*WHAT IS BEING ASKED*
Find the word "layer" in the listing below, then return every line it appears in.

*RECORD EXTRACTS*
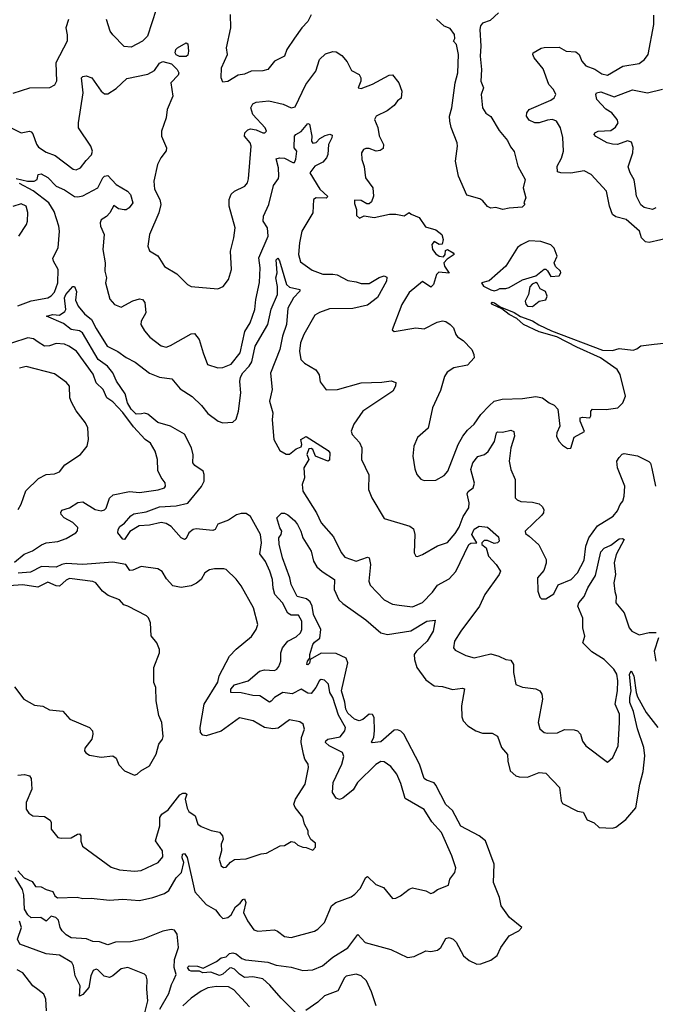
# Model space of a CAD drawing. Extents: x 2143765 to 2212931, y 878955 to 1017455.
# Tile 289 of 309: x 2170367 to 2174181, y 993774 to 999684. Entities that reach past the tile are written whole.
import ezdxf

# ---------------------------------------------------------------- set-up
doc = ezdxf.new("R2010")
doc.units = 0

msp = doc.modelspace()

# ---------------------------------------------------------------- linework, layer by layer
at = {"layer": '0CON20XD'}
for points in [[(2171185.8, 999745), (2171134.2, 999585), (2171104.4, 999555.6), (2171035, 999520), (2170994.2, 999524.2), (2170925, 999593.8), (2170910, 999615), (2170887.1, 999685)], [(2172115, 999712.5), (2172095, 999673.1), (2172060, 999635), (2172016.9, 999573.1), (2171970, 999505), (2171956.7, 999465), (2171895, 999435.8), (2171855, 999384.3), (2171825, 999376.9), (2171755.6, 999374.4), (2171715, 999358), (2171678.3, 999351.7), (2171616.4, 999313.6), (2171585, 999310), (2171576.7, 999335), (2171578, 999395), (2171614, 999475), (2171608, 999515), (2171633.8, 999635), (2171631.2, 999715)], [(2173240, 999725), (2173190.5, 999679.5), (2173145, 999663.3), (2173132.3, 999647.7), (2173128, 999625), (2173134.2, 999525), (2173130, 999465), (2173138.8, 999385), (2173133.3, 999315), (2173150, 999275), (2173136.2, 999235), (2173143.3, 999155), (2173165, 999123.8), (2173195, 999103.3), (2173245, 999020), (2173295, 998960), (2173311.3, 998921.3), (2173335, 998892.5), (2173356, 998805), (2173400, 998725), (2173388, 998675), (2173403.3, 998615), (2173392.5, 998585), (2173397.5, 998575), (2173381.7, 998558.3), (2173305, 998553.8), (2173265.9, 998544.1), (2173225, 998556), (2173195, 998553.8), (2173175, 998563.8), (2173146.7, 998596.7), (2173128.3, 998608.3), (2173050.3, 998630.3), (2173000, 998745), (2172982, 998835), (2172994.2, 998925), (2172991.4, 998945), (2172956.7, 999036.7), (2172948.8, 999075), (2172946.2, 999105), (2172960, 999155), (2172980, 999305), (2172995.8, 999365), (2173000, 999475), (2172988.8, 999535), (2172970, 999555), (2172978.3, 999571.7), (2172976, 999595), (2172950.5, 999630.5), (2172914.4, 999644.4), (2172867.3, 999687.3)], [(2174285, 998378), (2174145, 998346.9), (2174121.7, 998351.7), (2174099.2, 998375), (2174086.7, 998415), (2174005.8, 998485), (2173945, 998500.6), (2173925, 998514.3), (2173905.5, 998565), (2173888.1, 998655), (2173795.4, 998755.4), (2173755, 998777.5), (2173675, 998763.8), (2173614.5, 998764.5), (2173595, 998771.2), (2173591.5, 998805), (2173617.4, 998852.6), (2173630.4, 998895), (2173627.2, 998977.2), (2173612.2, 999035), (2173588.2, 999075), (2173565, 999085.9), (2173535, 999081.1), (2173485, 999065.4), (2173457.5, 999065), (2173425, 999081.4), (2173407.5, 999105), (2173410.8, 999125), (2173424.4, 999145.6), (2173555, 999201.2), (2173574.4, 999215), (2173583.5, 999235), (2173570, 999265), (2173542.1, 999295), (2173508.6, 999388.6), (2173453.6, 999455), (2173445.6, 999475), (2173448, 999485), (2173496.1, 999513.9), (2173515, 999516.9), (2173605, 999518.5), (2173645.3, 999495.3), (2173705, 999491.8), (2173725, 999475.6), (2173740.8, 999435), (2173765, 999406.4), (2173817.6, 999387.6), (2173860.2, 999360.2), (2173895, 999351.5), (2173985.6, 999404.4), (2174085, 999421.8), (2174115.6, 999445), (2174137.8, 999475), (2174171.5, 999655), (2174171.8, 999711.8)], [(2170659.2, 999685), (2170644.6, 999635), (2170652.6, 999592.6), (2170652.1, 999555), (2170584.6, 999425), (2170587.5, 999315), (2170575, 999291.2), (2170545, 999276), (2170425, 999274), (2170325, 999241.9)], [(2171325, 999462.5), (2171305, 999473.8), (2171300, 999485), (2171304, 999505), (2171314, 999515), (2171365, 999546.2), (2171375, 999540), (2171380.6, 999495), (2171375, 999471.2), (2171365, 999464), (2171325, 999462.5)], [(2170315, 999035.6), (2170375, 999005.5), (2170425, 999014.3), (2170435, 999010.8), (2170445, 999000), (2170466.9, 998936.9), (2170479.2, 998919.2), (2170525, 998888.5), (2170579.3, 998869.3), (2170687.2, 998787.2), (2170705, 998783.5), (2170732, 998795), (2170765, 998839.2), (2170797.8, 998872.2), (2170804.6, 998895), (2170794.6, 998925), (2170720, 999035), (2170719.5, 999065), (2170747, 999245), (2170737.1, 999335), (2170746.2, 999343.8), (2170765, 999348), (2170799.4, 999335), (2170855, 999255.6), (2170875, 999240), (2170895, 999238.6), (2170945, 999271.4), (2171009.7, 999330.3), (2171135, 999358.1), (2171175, 999380), (2171205, 999423.9), (2171225, 999432.5), (2171278.7, 999418.7), (2171311.4, 999385), (2171321.9, 999365), (2171317.9, 999352.1), (2171274, 999305), (2171285.8, 999225), (2171252, 999145), (2171245.6, 999095), (2171218.1, 999015), (2171218.6, 998985), (2171246.9, 998915), (2171245, 998897.5), (2171214, 998856), (2171194.6, 998815.4), (2171172.5, 998715), (2171175, 998667.5), (2171208.5, 998605), (2171213.1, 998575), (2171201.1, 998525), (2171145.7, 998395), (2171135.8, 998325), (2171145.9, 998295.9), (2171195, 998266.2), (2171235, 998203.3), (2171309.5, 998159.5), (2171374.5, 998094.5), (2171395, 998083.1), (2171555, 998068), (2171587.9, 998082.1), (2171620, 998125), (2171636.9, 998185), (2171631.4, 998295), (2171652.5, 998375), (2171660, 998435), (2171624.2, 998565), (2171623.7, 998605), (2171635, 998637.5), (2171655, 998655.4), (2171717.5, 998685), (2171733.1, 998705), (2171740.6, 998729.4), (2171755.5, 998925), (2171750, 998945), (2171715.4, 998985), (2171717.9, 999005), (2171735, 999023.8), (2171751, 999029), (2171785, 999023.6), (2171825, 999004.5), (2171837.9, 999005), (2171847.5, 999015), (2171840, 999035), (2171765.2, 999115), (2171754.1, 999155), (2171765, 999179.3), (2171785, 999189.6), (2171862, 999198), (2171947.3, 999177.3), (2171995, 999156), (2172019.2, 999160.8), (2172083.2, 999295), (2172144.4, 999375), (2172165, 999446), (2172201.7, 999478.3), (2172245, 999492.5), (2172265, 999491.4), (2172299.7, 999469.7), (2172332, 999432), (2172358.3, 999378.3), (2172403.8, 999355), (2172414.3, 999334.3), (2172414.3, 999315), (2172397.5, 999275), (2172415, 999271.4), (2172485, 999298.2), (2172585, 999351.1), (2172605, 999352.5), (2172641.8, 999305), (2172660.8, 999255), (2172655.9, 999214.1), (2172635, 999197.5), (2172615, 999168.8), (2172572.7, 999137.3), (2172506.7, 999105), (2172496, 999085), (2172517, 999037), (2172525, 998986.7), (2172549.4, 998935), (2172548.9, 998911.1), (2172530.9, 998899.1), (2172505.5, 998895.5), (2172465, 998910.8), (2172445, 998912), (2172430, 998905), (2172418.8, 998885), (2172419.2, 998845), (2172433.3, 998803.3), (2172442.7, 998735), (2172485.2, 998675.2), (2172491, 998625), (2172478.6, 998591.4), (2172465, 998578.4), (2172449.3, 998579.3), (2172415, 998599.5), (2172375, 998600), (2172375, 998580), (2172387.5, 998545), (2172388.3, 998508.3), (2172405, 998493.3), (2172435, 998507.5), (2172495, 998496.2), (2172586.4, 998516.4), (2172625, 998516.7), (2172675, 998507.5), (2172705, 998527.5), (2172717, 998517), (2172765, 998496.2), (2172801.7, 998441.7), (2172865, 998422.9), (2172900.8, 998395), (2172908.1, 998365), (2172902.5, 998337.5), (2172885, 998335.7), (2172855, 998352.2), (2172840, 998335), (2172844.2, 998304.2), (2172865, 998278.1), (2172885, 998264.4), (2172909.4, 998260.6), (2172920.8, 998275), (2172921.7, 998298.3), (2172934.3, 998305.7), (2172968.8, 998285), (2172973.3, 998275), (2172932.2, 998247.8), (2172912.5, 998225), (2172915.4, 998205), (2172945, 998162.5), (2172881.1, 998168.9), (2172868.6, 998155), (2172849.2, 998095), (2172835, 998078.8), (2172785, 998113.8), (2172703.3, 998046.7), (2172659.4, 997975), (2172603, 997823), (2172615, 997812.5), (2172745, 997834.5), (2172795, 997829.4), (2172871.5, 997868.5), (2172905, 997876.5), (2172925, 997872.7), (2172950.6, 997855), (2172970, 997835), (2172984.2, 997795), (2172995, 997781.2), (2173028.3, 997758.3), (2173079.2, 997705), (2173092.9, 997675), (2173094, 997655), (2173055, 997611.2), (2172972.5, 997595), (2172932, 997568), (2172916.4, 997543.6), (2172891.7, 997458.3), (2172844.2, 997355), (2172817.7, 997232.3), (2172754.2, 997175.8), (2172732, 997125), (2172726.9, 997065), (2172737.9, 996987.9), (2172750, 996955), (2172775, 996926), (2172795, 996919.2), (2172865, 996920), (2172915, 996949.2), (2172935.7, 996975), (2172998.2, 997135), (2173026.1, 997183.9), (2173055, 997221.4), (2173095, 997257.5), (2173134.4, 997315), (2173183.6, 997366.4), (2173215, 997394.5), (2173263.1, 997406.9), (2173385, 997409.6), (2173465, 997422.2), (2173505, 997414.5), (2173544.7, 997384.7), (2173575, 997371.5), (2173596.6, 997346.6), (2173608.8, 997245), (2173590, 997205), (2173587.5, 997185), (2173602.5, 997155), (2173625, 997130), (2173655, 997110), (2173675, 997112.5), (2173695, 997177.5), (2173756.7, 997213.3), (2173729.5, 997275), (2173731.2, 997295), (2173745, 997299.2), (2173787.5, 997295), (2173793.6, 997306.4), (2173793.3, 997335), (2173803.3, 997346.7), (2173885.4, 997344.6), (2173956.3, 997353.7), (2173985.7, 997384.3), (2174001.8, 997425), (2173969.4, 997555), (2173951.8, 997585), (2173853, 997655), (2173709.3, 997719.3), (2173590.2, 997780.2), (2173485, 997811.5), (2173390.8, 997855), (2173349.8, 997889.8), (2173304.1, 997915), (2173259.5, 997949.5), (2173204.7, 997975), (2173195.8, 997985), (2173201.3, 997988.7), (2173216.2, 997985), (2173250.2, 997960.2), (2173335, 997926.4), (2173372, 997902), (2173445, 997877.4), (2173482.4, 997852.4), (2173557.2, 997817.2), (2173865, 997701.2), (2173925, 997697.8), (2173965, 997711.5), (2174048.5, 997701.5), (2174071.2, 997708.8), (2174095, 997726.7), (2174173.6, 997736.4)], [(2174185, 998554.3), (2174165, 998545.6), (2174115, 998556.4), (2174095, 998572.2), (2174069.1, 998625), (2174061.4, 998671.4), (2174053.8, 998723.8), (2174030, 998765), (2174018.3, 998801.7), (2174046.2, 998885), (2174047.7, 998917.7), (2174038.8, 998948.8), (2174015, 998956.5), (2173955, 998934.7), (2173925, 998936.6), (2173891.4, 998945), (2173825, 998982.5), (2173814, 998995), (2173818.8, 999005), (2173837.5, 999015), (2173915, 999018.9), (2173941.7, 999038.3), (2173959.1, 999065), (2173952.5, 999085), (2173921.1, 999125), (2173885, 999147.5), (2173830.8, 999205), (2173823.9, 999236.1), (2173828.8, 999245), (2173855, 999250.3), (2173935, 999221.8), (2174045, 999263.5), (2174135, 999244.4), (2174225, 999266.9)], [(2170345, 998731.8), (2170414.4, 998714.4), (2170454.6, 998715.4), (2170472.5, 998725), (2170478, 998755), (2170495, 998758.2), (2170535, 998736.9), (2170585, 998685.9), (2170635, 998662.5), (2170695, 998623.3), (2170715, 998620), (2170745, 998627.7), (2170835, 998674.2), (2170865, 998734.1), (2170875.6, 998745), (2170895, 998749.1), (2170945, 998695.5), (2171014.7, 998654.7), (2171032.5, 998635), (2171045.9, 998585), (2171023.5, 998555), (2171005, 998543.2), (2170993.1, 998543.1), (2170959.9, 998549.9), (2170931.7, 998568.3), (2170907.1, 998525), (2170887, 998503), (2170856.4, 998483.6), (2170848.9, 998465), (2170851.4, 998445), (2170874, 998395), (2170866.7, 998305), (2170879.5, 998225), (2170877.9, 998175), (2170887.9, 998135), (2170882.7, 998105), (2170907.3, 998007.3), (2170935, 997975.6), (2170975, 997959.1), (2171045, 997997.3), (2171085, 998009.1), (2171103.8, 998005), (2171116.8, 997986.8), (2171123.1, 997925), (2171095.6, 997875), (2171094.5, 997854.5), (2171115, 997816), (2171148, 997778), (2171215, 997725.7), (2171245, 997719.4), (2171271.4, 997728.6), (2171395, 997799.2), (2171415, 997800), (2171442.9, 997765), (2171468.1, 997685), (2171493.8, 997615), (2171555, 997593.8), (2171585, 997596.2), (2171635, 997616), (2171688.9, 997685), (2171717.7, 997812.3), (2171750.7, 997865), (2171778.8, 997945), (2171782.9, 998005), (2171806.5, 998106.5), (2171810, 998195), (2171801.2, 998255), (2171857.9, 998385), (2171853.5, 998435), (2171828.7, 998475), (2171829.2, 998505), (2171862.2, 998575), (2171890.5, 998689.5), (2171919.3, 998730.7), (2171922.9, 998745), (2171920, 998795), (2171905, 998850), (2171925, 998855.7), (2171955, 998852.2), (2172005, 998826.4), (2172015, 998827.8), (2172023.1, 998846.9), (2172030, 998895), (2172014.2, 998915), (2172016.7, 998985), (2172023.9, 998996.1), (2172055, 999012.9), (2172095, 999061.1), (2172106.5, 999056.5), (2172119.5, 998985), (2172118.8, 998955), (2172125, 998943.3), (2172145, 998946.2), (2172168.4, 998971.6), (2172200.5, 998989.5), (2172227.7, 998997.7), (2172241.7, 998991.7), (2172240, 998975), (2172220, 998935), (2172216.8, 998875), (2172208.8, 998855), (2172185, 998829.7), (2172137.8, 998805), (2172108.9, 998765), (2172167.8, 998667.8), (2172216.8, 998623.2), (2172206.8, 998613.2), (2172145, 998615.8), (2172130.8, 998605), (2172125.4, 998525), (2172060.3, 998415), (2172045.9, 998345), (2172039.7, 998275), (2172051.2, 998231.2), (2172121.8, 998181.8), (2172185, 998156), (2172245, 998156.9)], [(2170355, 997967.7), (2170435, 997996), (2170534.8, 998015.2), (2170555, 998026.4), (2170575, 998047.8), (2170594.7, 998105.3), (2170597.6, 998185), (2170568.9, 998235), (2170566.2, 998253.8), (2170597.2, 998315), (2170605.1, 998415.1), (2170601.4, 998445), (2170573.3, 998533.3), (2170541.5, 998585), (2170447.1, 998657.1), (2170365, 998700.5)], [(2170361.5, 998385), (2170407.5, 998455), (2170414, 998475), (2170416.6, 998526.6), (2170405.5, 998565.5), (2170375, 998578.9), (2170325, 998562.3)], [(2173215, 998056.7), (2173235, 998062.5), (2173248.3, 998071.7), (2173285, 998070), (2173303.9, 998076.1), (2173385, 998123.3), (2173465, 998147.5), (2173515, 998186.7), (2173525, 998186.7), (2173535, 998177.5), (2173555, 998142.5), (2173603.6, 998146.4), (2173613.8, 998165), (2173611.2, 998175), (2173582.5, 998202.5), (2173574.1, 998224.1), (2173592.5, 998265), (2173575, 998313.3), (2173555, 998333.8), (2173495, 998353.3), (2173425, 998357.5), (2173376.4, 998333.6), (2173355, 998317.5), (2173284.4, 998205.6), (2173185, 998117.5), (2173137.5, 998105), (2173149.2, 998085), (2173195, 998061.9), (2173215, 998056.7)], [(2171914.6, 998034.6), (2171913.3, 998083.3), (2171903.1, 998135), (2171912.2, 998165), (2171906.2, 998243.8), (2171915, 998253.3), (2171925, 998236.7), (2171967.8, 998095), (2171985, 998079.4), (2172047.5, 998065), (2172048.8, 998055), (2172010.8, 998015), (2171976.3, 997953.7), (2171968.2, 997855), (2171944.8, 997785.2), (2171927.3, 997705), (2171872.7, 997562.7), (2171881.4, 997465), (2171866.5, 997395), (2171885.3, 997325.3), (2171882.7, 997282.7), (2171892.3, 997165), (2171928.2, 997098.2), (2171965, 997075.8), (2171985, 997077.4), (2172025, 997108.9), (2172055, 997120.6), (2172059.5, 997135), (2172054.3, 997165), (2172085, 997183.3), (2172218.3, 997098.3), (2172228.8, 997085), (2172225, 997040), (2172215, 997033.9), (2172142.5, 997065), (2172125.4, 997105.4), (2172115, 997110.7), (2172102.4, 997107.6), (2172089.6, 997075), (2172102.5, 997045), (2172071.2, 996995), (2172076.7, 996935), (2172062.2, 996895), (2172065.6, 996855), (2172148.1, 996725), (2172175, 996664), (2172249.7, 996579.7), (2172295.4, 996485.4), (2172318.8, 996458.8), (2172385, 996434.5), (2172455, 996458.6), (2172464.4, 996454.4), (2172472.5, 996415), (2172461.1, 996315), (2172470.6, 996290.6), (2172555, 996201.9), (2172605, 996176.7), (2172645, 996170.6), (2172725, 996159.6), (2172785, 996186.7), (2172845, 996248.2), (2172875, 996290), (2172945, 996329.1), (2172985, 996371.5), (2173062.5, 996535), (2173075, 996542.1), (2173110.5, 996545), (2173081, 996595), (2173095, 996625.3), (2173125, 996643.8), (2173175, 996638.6), (2173239.7, 996579.7), (2173244.8, 996555), (2173235, 996544.5), (2173215, 996540.3), (2173175, 996558.6), (2173155, 996559.2), (2173139.5, 996545), (2173140.7, 996535), (2173167.1, 996515), (2173181.1, 996465), (2173226.9, 996415), (2173252, 996375), (2173243.3, 996355), (2173157.3, 996235), (2173125.3, 996165), (2173013.6, 996015), (2172975.7, 995955), (2172970, 995915), (2172979.2, 995899.2), (2173045, 995868), (2173095, 995853.8), (2173195, 995878.1), (2173242.5, 995865), (2173285, 995844), (2173315, 995840), (2173329.2, 995815), (2173330.8, 995765), (2173344, 995694), (2173385, 995677.5), (2173465, 995668.6), (2173488.8, 995655), (2173500, 995635), (2173504.3, 995605), (2173477.3, 995465), (2173487.8, 995427.8), (2173515, 995406), (2173535, 995401.4), (2173594.2, 995404.2), (2173635.6, 995424.4), (2173695, 995422.5), (2173715, 995416), (2173732, 995395), (2173744.5, 995354.5), (2173763.8, 995325), (2173895, 995227.5), (2173926.2, 995255), (2173957.5, 995325), (2173965.5, 995465), (2173966.2, 995515), (2173939.8, 995575), (2173954.8, 995655.2), (2173956.8, 995715), (2173950.9, 995755), (2173932.7, 995785), (2173873.8, 995845), (2173800.9, 995890.9), (2173746.2, 995945), (2173758.8, 995985), (2173745.9, 996035), (2173747.2, 996092.8), (2173716.7, 996165), (2173722.5, 996185), (2173755, 996222.3), (2173776.4, 996273.6), (2173822.7, 996347.3), (2173855, 996490.6), (2173875, 996511.8), (2173915, 996529.4), (2173965, 996567.5), (2173985, 996571.2), (2173993.3, 996565), (2173946.1, 996475), (2173934.6, 996425), (2173942.1, 996355), (2173932.2, 996305), (2173937.7, 996252.3), (2173945.6, 996225), (2173945.2, 996185), (2173993.5, 996123.5), (2174024.3, 996034.3), (2174040.6, 996015), (2174085, 995991.1), (2174145, 996006.8), (2174185.4, 996005.4)], [(2172245, 998156.9), (2172272.8, 998152.8), (2172335, 998118.6), (2172385, 998111.4), (2172415, 998100), (2172465, 998100.4), (2172523.5, 998136.5), (2172555, 998147.1), (2172569.4, 998139.4), (2172568.5, 998115), (2172513.3, 998016.7), (2172455, 997971), (2172365, 997950.3), (2172225, 997948.9), (2172165, 997927.5), (2172138.3, 997911.7), (2172071.2, 997795), (2172052.5, 997745), (2172045.5, 997695), (2172054.4, 997645), (2172075, 997622.9), (2172143, 997583), (2172163.3, 997553.3), (2172170.3, 997510.3), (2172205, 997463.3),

*EXERCISE OUTPUT*
# ---------------------------------------------------------------- linework, layer by layer
at = {"layer": '0CON20XD'}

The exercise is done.